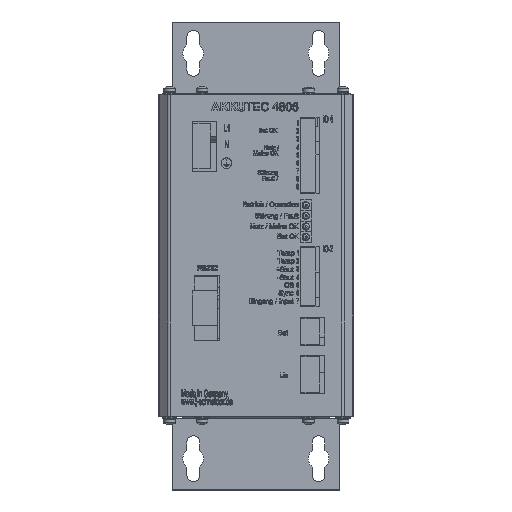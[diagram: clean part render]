
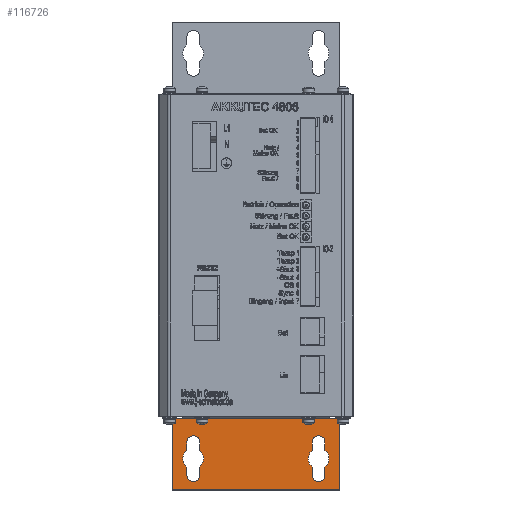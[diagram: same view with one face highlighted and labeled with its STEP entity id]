
A CAD part, top view. The second image highlights one B-rep face of the part: STEP entity #116726.
In plain terms, the highlighted planar face has unit normal (0, 0, 1).
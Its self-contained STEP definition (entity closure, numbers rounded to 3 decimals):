
#4334=FACE_BOUND('',#14344,.T.);
#4335=FACE_BOUND('',#14345,.T.);
#5443=CIRCLE('',#123843,3.);
#5444=CIRCLE('',#123845,3.);
#5447=CIRCLE('',#123849,3.);
#5448=CIRCLE('',#123851,3.);
#5455=CIRCLE('',#123867,5.);
#5456=CIRCLE('',#123869,5.);
#5459=CIRCLE('',#123877,5.);
#5461=CIRCLE('',#123880,5.);
#8072=FACE_OUTER_BOUND('',#14343,.T.);
#14343=EDGE_LOOP('',(#83449,#83450,#83451,#83452,#83453,#83454));
#14344=EDGE_LOOP('',(#83455,#83456,#83457,#83458,#83459,#83460,#83461,#83462));
#14345=EDGE_LOOP('',(#83463,#83464,#83465,#83466,#83467,#83468,#83469,#83470));
#24035=LINE('',#161595,#37232);
#24039=LINE('',#161603,#37236);
#24041=LINE('',#161607,#37238);
#24044=LINE('',#161613,#37241);
#24048=LINE('',#161621,#37245);
#24052=LINE('',#161628,#37249);
#24053=LINE('',#161637,#37250);
#24056=LINE('',#161643,#37253);
#24060=LINE('',#161651,#37257);
#24062=LINE('',#161655,#37259);
#24085=LINE('',#161722,#37282);
#24091=LINE('',#161735,#37288);
#24092=LINE('',#161737,#37289);
#24093=LINE('',#161738,#37290);
#37232=VECTOR('',#136416,1.);
#37236=VECTOR('',#136422,1.);
#37238=VECTOR('',#136426,1.);
#37241=VECTOR('',#136431,1.);
#37245=VECTOR('',#136437,1.);
#37249=VECTOR('',#136443,1.);
#37250=VECTOR('',#136458,1.);
#37253=VECTOR('',#136463,1.);
#37257=VECTOR('',#136469,1.);
#37259=VECTOR('',#136473,1.);
#37282=VECTOR('',#136544,1.);
#37288=VECTOR('',#136556,1.);
#37289=VECTOR('',#136557,1.);
#37290=VECTOR('',#136558,1.);
#48930=VERTEX_POINT('',#161546);
#48931=VERTEX_POINT('',#161548);
#48932=VERTEX_POINT('',#161552);
#48933=VERTEX_POINT('',#161553);
#48938=VERTEX_POINT('',#161564);
#48939=VERTEX_POINT('',#161566);
#48940=VERTEX_POINT('',#161570);
#48941=VERTEX_POINT('',#161571);
#48949=VERTEX_POINT('',#161592);
#48950=VERTEX_POINT('',#161594);
#48952=VERTEX_POINT('',#161600);
#48954=VERTEX_POINT('',#161606);
#48956=VERTEX_POINT('',#161612);
#48958=VERTEX_POINT('',#161618);
#48961=VERTEX_POINT('',#161625);
#48962=VERTEX_POINT('',#161636);
#48964=VERTEX_POINT('',#161642);
#48966=VERTEX_POINT('',#161648);
#48968=VERTEX_POINT('',#161654);
#48988=VERTEX_POINT('',#161720);
#48992=VERTEX_POINT('',#161734);
#48993=VERTEX_POINT('',#161736);
#61622=EDGE_CURVE('',#48931,#48930,#5443,.T.);
#61624=EDGE_CURVE('',#48932,#48933,#5444,.T.);
#61630=EDGE_CURVE('',#48939,#48938,#5447,.T.);
#61632=EDGE_CURVE('',#48940,#48941,#5448,.T.);
#61643=EDGE_CURVE('',#48950,#48949,#24035,.T.);
#61647=EDGE_CURVE('',#48949,#48952,#24039,.T.);
#61649=EDGE_CURVE('',#48954,#48940,#24041,.T.);
#61652=EDGE_CURVE('',#48930,#48956,#24044,.T.);
#61656=EDGE_CURVE('',#48941,#48958,#24048,.T.);
#61660=EDGE_CURVE('',#48961,#48931,#24052,.T.);
#61662=EDGE_CURVE('',#48956,#48954,#5455,.T.);
#61663=EDGE_CURVE('',#48958,#48961,#5456,.T.);
#61665=EDGE_CURVE('',#48962,#48932,#24053,.T.);
#61668=EDGE_CURVE('',#48938,#48964,#24056,.T.);
#61672=EDGE_CURVE('',#48933,#48966,#24060,.T.);
#61674=EDGE_CURVE('',#48968,#48939,#24062,.T.);
#61678=EDGE_CURVE('',#48966,#48968,#5459,.T.);
#61680=EDGE_CURVE('',#48964,#48962,#5461,.T.);
#61709=EDGE_CURVE('',#48952,#48988,#24085,.T.);
#61715=EDGE_CURVE('',#48950,#48992,#24091,.T.);
#61716=EDGE_CURVE('',#48993,#48988,#24092,.T.);
#61717=EDGE_CURVE('',#48992,#48993,#24093,.T.);
#83449=ORIENTED_EDGE('',*,*,#61715,.F.);
#83450=ORIENTED_EDGE('',*,*,#61643,.T.);
#83451=ORIENTED_EDGE('',*,*,#61647,.T.);
#83452=ORIENTED_EDGE('',*,*,#61709,.T.);
#83453=ORIENTED_EDGE('',*,*,#61716,.F.);
#83454=ORIENTED_EDGE('',*,*,#61717,.F.);
#83455=ORIENTED_EDGE('',*,*,#61678,.T.);
#83456=ORIENTED_EDGE('',*,*,#61674,.T.);
#83457=ORIENTED_EDGE('',*,*,#61630,.T.);
#83458=ORIENTED_EDGE('',*,*,#61668,.T.);
#83459=ORIENTED_EDGE('',*,*,#61680,.T.);
#83460=ORIENTED_EDGE('',*,*,#61665,.T.);
#83461=ORIENTED_EDGE('',*,*,#61624,.T.);
#83462=ORIENTED_EDGE('',*,*,#61672,.T.);
#83463=ORIENTED_EDGE('',*,*,#61662,.T.);
#83464=ORIENTED_EDGE('',*,*,#61649,.T.);
#83465=ORIENTED_EDGE('',*,*,#61632,.T.);
#83466=ORIENTED_EDGE('',*,*,#61656,.T.);
#83467=ORIENTED_EDGE('',*,*,#61663,.T.);
#83468=ORIENTED_EDGE('',*,*,#61660,.T.);
#83469=ORIENTED_EDGE('',*,*,#61622,.T.);
#83470=ORIENTED_EDGE('',*,*,#61652,.T.);
#107404=PLANE('',#123901);
#116726=ADVANCED_FACE('',(#8072,#4334,#4335),#107404,.T.);
#123843=AXIS2_PLACEMENT_3D('',#161549,#136372,#136373);
#123845=AXIS2_PLACEMENT_3D('',#161554,#136377,#136378);
#123849=AXIS2_PLACEMENT_3D('',#161567,#136388,#136389);
#123851=AXIS2_PLACEMENT_3D('',#161572,#136393,#136394);
#123867=AXIS2_PLACEMENT_3D('',#161631,#136448,#136449);
#123869=AXIS2_PLACEMENT_3D('',#161633,#136452,#136453);
#123877=AXIS2_PLACEMENT_3D('',#161661,#136480,#136481);
#123880=AXIS2_PLACEMENT_3D('',#161664,#136486,#136487);
#123901=AXIS2_PLACEMENT_3D('',#161733,#136554,#136555);
#136372=DIRECTION('center_axis',(0.,0.,
-1.));
#136373=DIRECTION('ref_axis',(0.,1.,0.));
#136377=DIRECTION('center_axis',(0.,0.,
-1.));
#136378=DIRECTION('ref_axis',(0.,1.,0.));
#136388=DIRECTION('center_axis',(0.,0.,
-1.));
#136389=DIRECTION('ref_axis',(0.,1.,0.));
#136393=DIRECTION('center_axis',(0.,0.,
-1.));
#136394=DIRECTION('ref_axis',(0.,1.,0.));
#136416=DIRECTION('',(0.,1.,0.));
#136422=DIRECTION('',(-1.,0.,0.));
#136426=DIRECTION('',(0.,1.,0.));
#136431=DIRECTION('',(0.,1.,0.));
#136437=DIRECTION('',(0.,-1.,0.));
#136443=DIRECTION('',(0.,-1.,0.));
#136448=DIRECTION('center_axis',(0.,0.,-1.));
#136449=DIRECTION('ref_axis',(0.,1.,0.));
#136452=DIRECTION('center_axis',(0.,0.,-1.));
#136453=DIRECTION('ref_axis',(0.,1.,0.));
#136458=DIRECTION('',(0.,1.,0.));
#136463=DIRECTION('',(0.,1.,0.));
#136469=DIRECTION('',(0.,-1.,0.));
#136473=DIRECTION('',(0.,-1.,0.));
#136480=DIRECTION('center_axis',(0.,0.,-1.));
#136481=DIRECTION('ref_axis',(0.,1.,0.));
#136486=DIRECTION('center_axis',(0.,0.,-1.));
#136487=DIRECTION('ref_axis',(0.,1.,0.));
#136544=DIRECTION('',(-1.,0.,0.));
#136554=DIRECTION('center_axis',(0.,0.,1.));
#136555=DIRECTION('ref_axis',(0.,1.,0.));
#136556=DIRECTION('',(-1.,0.,0.));
#136557=DIRECTION('',(1.,0.,0.));
#136558=DIRECTION('',(0.,1.,0.));
#161546=CARTESIAN_POINT('',(-16.461,78.686,-59.));
#161548=CARTESIAN_POINT('',(-10.461,78.686,-59.));
#161549=CARTESIAN_POINT('Origin',(-13.461,78.686,-59.));
#161552=CARTESIAN_POINT('',(43.539,94.686,-59.));
#161553=CARTESIAN_POINT('',(49.539,94.686,-59.));
#161554=CARTESIAN_POINT('Origin',(46.539,94.686,-59.));
#161564=CARTESIAN_POINT('',(43.539,78.686,-59.));
#161566=CARTESIAN_POINT('',(49.539,78.686,-59.));
#161567=CARTESIAN_POINT('Origin',(46.539,78.686,-59.));
#161570=CARTESIAN_POINT('',(-16.461,94.686,-59.));
#161571=CARTESIAN_POINT('',(-10.461,94.686,-59.));
#161572=CARTESIAN_POINT('Origin',(-13.461,94.686,-59.));
#161592=CARTESIAN_POINT('',(56.539,105.686,-59.));
#161594=CARTESIAN_POINT('',(56.539,71.686,-59.));
#161595=CARTESIAN_POINT('',(56.539,88.686,-59.));
#161600=CARTESIAN_POINT('',(51.539,105.686,-59.));
#161603=CARTESIAN_POINT('',(54.039,105.686,-59.));
#161606=CARTESIAN_POINT('',(-16.461,90.686,-59.));
#161607=CARTESIAN_POINT('',(-16.461,92.186,-59.));
#161612=CARTESIAN_POINT('',(-16.461,82.686,-59.));
#161613=CARTESIAN_POINT('',(-16.461,92.186,-59.));
#161618=CARTESIAN_POINT('',(-10.461,90.686,-59.));
#161621=CARTESIAN_POINT('',(-10.461,100.186,-59.));
#161625=CARTESIAN_POINT('',(-10.461,82.686,-59.));
#161628=CARTESIAN_POINT('',(-10.461,100.186,-59.));
#161631=CARTESIAN_POINT('Origin',(-13.461,86.686,-59.));
#161633=CARTESIAN_POINT('Origin',(-13.461,86.686,-59.));
#161636=CARTESIAN_POINT('',(43.539,90.686,-59.));
#161637=CARTESIAN_POINT('',(43.539,92.186,-59.));
#161642=CARTESIAN_POINT('',(43.539,82.686,-59.));
#161643=CARTESIAN_POINT('',(43.539,92.186,-59.));
#161648=CARTESIAN_POINT('',(49.539,90.686,-59.));
#161651=CARTESIAN_POINT('',(49.539,100.186,-59.));
#161654=CARTESIAN_POINT('',(49.539,82.686,-59.));
#161655=CARTESIAN_POINT('',(49.539,100.186,-59.));
#161661=CARTESIAN_POINT('Origin',(46.539,86.686,-59.));
#161664=CARTESIAN_POINT('Origin',(46.539,86.686,-59.));
#161720=CARTESIAN_POINT('',(-18.461,105.686,-59.));
#161722=CARTESIAN_POINT('',(51.539,105.686,-59.));
#161733=CARTESIAN_POINT('Origin',(-20.961,88.686,-59.));
#161734=CARTESIAN_POINT('',(-23.461,71.686,-59.));
#161735=CARTESIAN_POINT('',(-20.961,71.686,-59.));
#161736=CARTESIAN_POINT('',(-23.461,105.686,-59.));
#161737=CARTESIAN_POINT('',(-20.961,105.686,-59.));
#161738=CARTESIAN_POINT('',(-23.461,88.686,-59.));

=-=-=

All lines from the start of the entries above through the line containing "#37250=VECTOR('',#136458,1.);" must be transcribed exactly, both ends included, and no picture may be copied.

**Answer space**
[diagram: clean part render]
[diagram: same view with one face highlighted and labeled with its STEP entity id]
A CAD part, top view. The second image highlights one B-rep face of the part: STEP entity #116726.
In plain terms, the highlighted planar face has unit normal (0, 0, 1).
Its self-contained STEP definition (entity closure, numbers rounded to 3 decimals):
#4334=FACE_BOUND('',#14344,.T.);
#4335=FACE_BOUND('',#14345,.T.);
#5443=CIRCLE('',#123843,3.);
#5444=CIRCLE('',#123845,3.);
#5447=CIRCLE('',#123849,3.);
#5448=CIRCLE('',#123851,3.);
#5455=CIRCLE('',#123867,5.);
#5456=CIRCLE('',#123869,5.);
#5459=CIRCLE('',#123877,5.);
#5461=CIRCLE('',#123880,5.);
#8072=FACE_OUTER_BOUND('',#14343,.T.);
#14343=EDGE_LOOP('',(#83449,#83450,#83451,#83452,#83453,#83454));
#14344=EDGE_LOOP('',(#83455,#83456,#83457,#83458,#83459,#83460,#83461,#83462));
#14345=EDGE_LOOP('',(#83463,#83464,#83465,#83466,#83467,#83468,#83469,#83470));
#24035=LINE('',#161595,#37232);
#24039=LINE('',#161603,#37236);
#24041=LINE('',#161607,#37238);
#24044=LINE('',#161613,#37241);
#24048=LINE('',#161621,#37245);
#24052=LINE('',#161628,#37249);
#24053=LINE('',#161637,#37250);
#24056=LINE('',#161643,#37253);
#24060=LINE('',#161651,#37257);
#24062=LINE('',#161655,#37259);
#24085=LINE('',#161722,#37282);
#24091=LINE('',#161735,#37288);
#24092=LINE('',#161737,#37289);
#24093=LINE('',#161738,#37290);
#37232=VECTOR('',#136416,1.);
#37236=VECTOR('',#136422,1.);
#37238=VECTOR('',#136426,1.);
#37241=VECTOR('',#136431,1.);
#37245=VECTOR('',#136437,1.);
#37249=VECTOR('',#136443,1.);
#37250=VECTOR('',#136458,1.);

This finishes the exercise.